## Task brief
Go through the data and retrieve each line that includes the string "view".

Excerpts from a dataset
Segment Open

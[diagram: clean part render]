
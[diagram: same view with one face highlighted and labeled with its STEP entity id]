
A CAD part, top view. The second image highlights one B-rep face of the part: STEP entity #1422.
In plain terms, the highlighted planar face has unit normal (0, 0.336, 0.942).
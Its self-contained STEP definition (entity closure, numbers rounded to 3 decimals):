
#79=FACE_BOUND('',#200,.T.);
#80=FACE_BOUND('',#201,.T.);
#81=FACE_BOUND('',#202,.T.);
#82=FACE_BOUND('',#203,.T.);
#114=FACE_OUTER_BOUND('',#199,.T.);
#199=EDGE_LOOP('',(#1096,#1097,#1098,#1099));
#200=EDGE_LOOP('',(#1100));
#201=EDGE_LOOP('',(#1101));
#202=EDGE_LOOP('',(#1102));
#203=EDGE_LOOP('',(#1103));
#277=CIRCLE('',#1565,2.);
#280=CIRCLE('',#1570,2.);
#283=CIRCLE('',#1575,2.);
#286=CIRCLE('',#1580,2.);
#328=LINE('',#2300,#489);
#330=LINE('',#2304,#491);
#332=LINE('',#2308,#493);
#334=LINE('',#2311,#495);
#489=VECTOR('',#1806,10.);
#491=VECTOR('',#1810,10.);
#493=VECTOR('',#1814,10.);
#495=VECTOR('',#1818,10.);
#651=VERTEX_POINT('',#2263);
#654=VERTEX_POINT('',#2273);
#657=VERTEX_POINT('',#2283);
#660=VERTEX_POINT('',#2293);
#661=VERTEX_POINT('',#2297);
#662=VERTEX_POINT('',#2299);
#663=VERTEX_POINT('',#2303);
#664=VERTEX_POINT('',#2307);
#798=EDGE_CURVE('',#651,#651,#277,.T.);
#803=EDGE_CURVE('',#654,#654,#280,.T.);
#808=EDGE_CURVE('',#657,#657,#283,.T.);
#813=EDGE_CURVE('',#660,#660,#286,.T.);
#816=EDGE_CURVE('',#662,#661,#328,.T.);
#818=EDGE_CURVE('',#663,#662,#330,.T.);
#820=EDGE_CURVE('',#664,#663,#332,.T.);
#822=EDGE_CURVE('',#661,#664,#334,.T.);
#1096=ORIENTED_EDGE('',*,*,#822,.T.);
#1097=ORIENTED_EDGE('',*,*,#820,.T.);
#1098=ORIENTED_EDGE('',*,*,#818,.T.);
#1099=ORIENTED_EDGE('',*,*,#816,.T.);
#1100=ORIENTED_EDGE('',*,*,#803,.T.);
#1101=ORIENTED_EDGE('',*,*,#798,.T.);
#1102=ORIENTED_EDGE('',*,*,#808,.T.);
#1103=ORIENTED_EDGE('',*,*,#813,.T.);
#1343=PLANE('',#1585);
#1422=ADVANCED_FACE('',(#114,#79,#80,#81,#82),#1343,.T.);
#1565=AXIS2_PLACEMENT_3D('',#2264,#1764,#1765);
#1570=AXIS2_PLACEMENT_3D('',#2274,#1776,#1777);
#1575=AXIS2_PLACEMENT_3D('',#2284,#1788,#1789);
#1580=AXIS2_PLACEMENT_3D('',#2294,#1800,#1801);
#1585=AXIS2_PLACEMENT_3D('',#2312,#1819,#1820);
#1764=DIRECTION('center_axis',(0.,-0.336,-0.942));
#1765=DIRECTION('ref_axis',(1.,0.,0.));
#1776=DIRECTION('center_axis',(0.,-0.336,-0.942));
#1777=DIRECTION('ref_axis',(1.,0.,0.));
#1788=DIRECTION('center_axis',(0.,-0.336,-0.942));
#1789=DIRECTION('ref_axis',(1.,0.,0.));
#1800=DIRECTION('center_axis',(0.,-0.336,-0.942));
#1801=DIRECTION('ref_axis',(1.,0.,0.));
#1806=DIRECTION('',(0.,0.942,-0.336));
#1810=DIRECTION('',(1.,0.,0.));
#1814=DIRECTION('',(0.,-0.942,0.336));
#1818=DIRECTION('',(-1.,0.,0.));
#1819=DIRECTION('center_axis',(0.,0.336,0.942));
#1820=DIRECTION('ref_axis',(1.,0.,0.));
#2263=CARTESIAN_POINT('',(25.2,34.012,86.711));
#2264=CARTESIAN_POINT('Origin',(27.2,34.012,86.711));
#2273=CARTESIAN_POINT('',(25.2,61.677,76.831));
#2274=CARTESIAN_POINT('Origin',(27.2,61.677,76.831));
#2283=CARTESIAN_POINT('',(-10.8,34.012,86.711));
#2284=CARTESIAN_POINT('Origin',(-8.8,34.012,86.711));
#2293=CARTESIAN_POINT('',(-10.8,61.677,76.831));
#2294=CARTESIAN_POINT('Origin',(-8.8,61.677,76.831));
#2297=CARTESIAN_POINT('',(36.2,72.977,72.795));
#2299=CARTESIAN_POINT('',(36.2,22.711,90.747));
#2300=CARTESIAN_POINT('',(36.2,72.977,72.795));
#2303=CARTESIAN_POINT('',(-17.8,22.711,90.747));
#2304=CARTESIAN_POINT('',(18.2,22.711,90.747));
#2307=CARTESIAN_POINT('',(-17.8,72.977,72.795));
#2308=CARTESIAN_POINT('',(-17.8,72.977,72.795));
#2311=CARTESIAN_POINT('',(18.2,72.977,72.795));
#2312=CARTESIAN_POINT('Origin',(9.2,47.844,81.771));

Segment Closed

## The answer
[diagram: same view with one face highlighted and labeled with its STEP entity id]
A CAD part, top view. The second image highlights one B-rep face of the part: STEP entity #1422.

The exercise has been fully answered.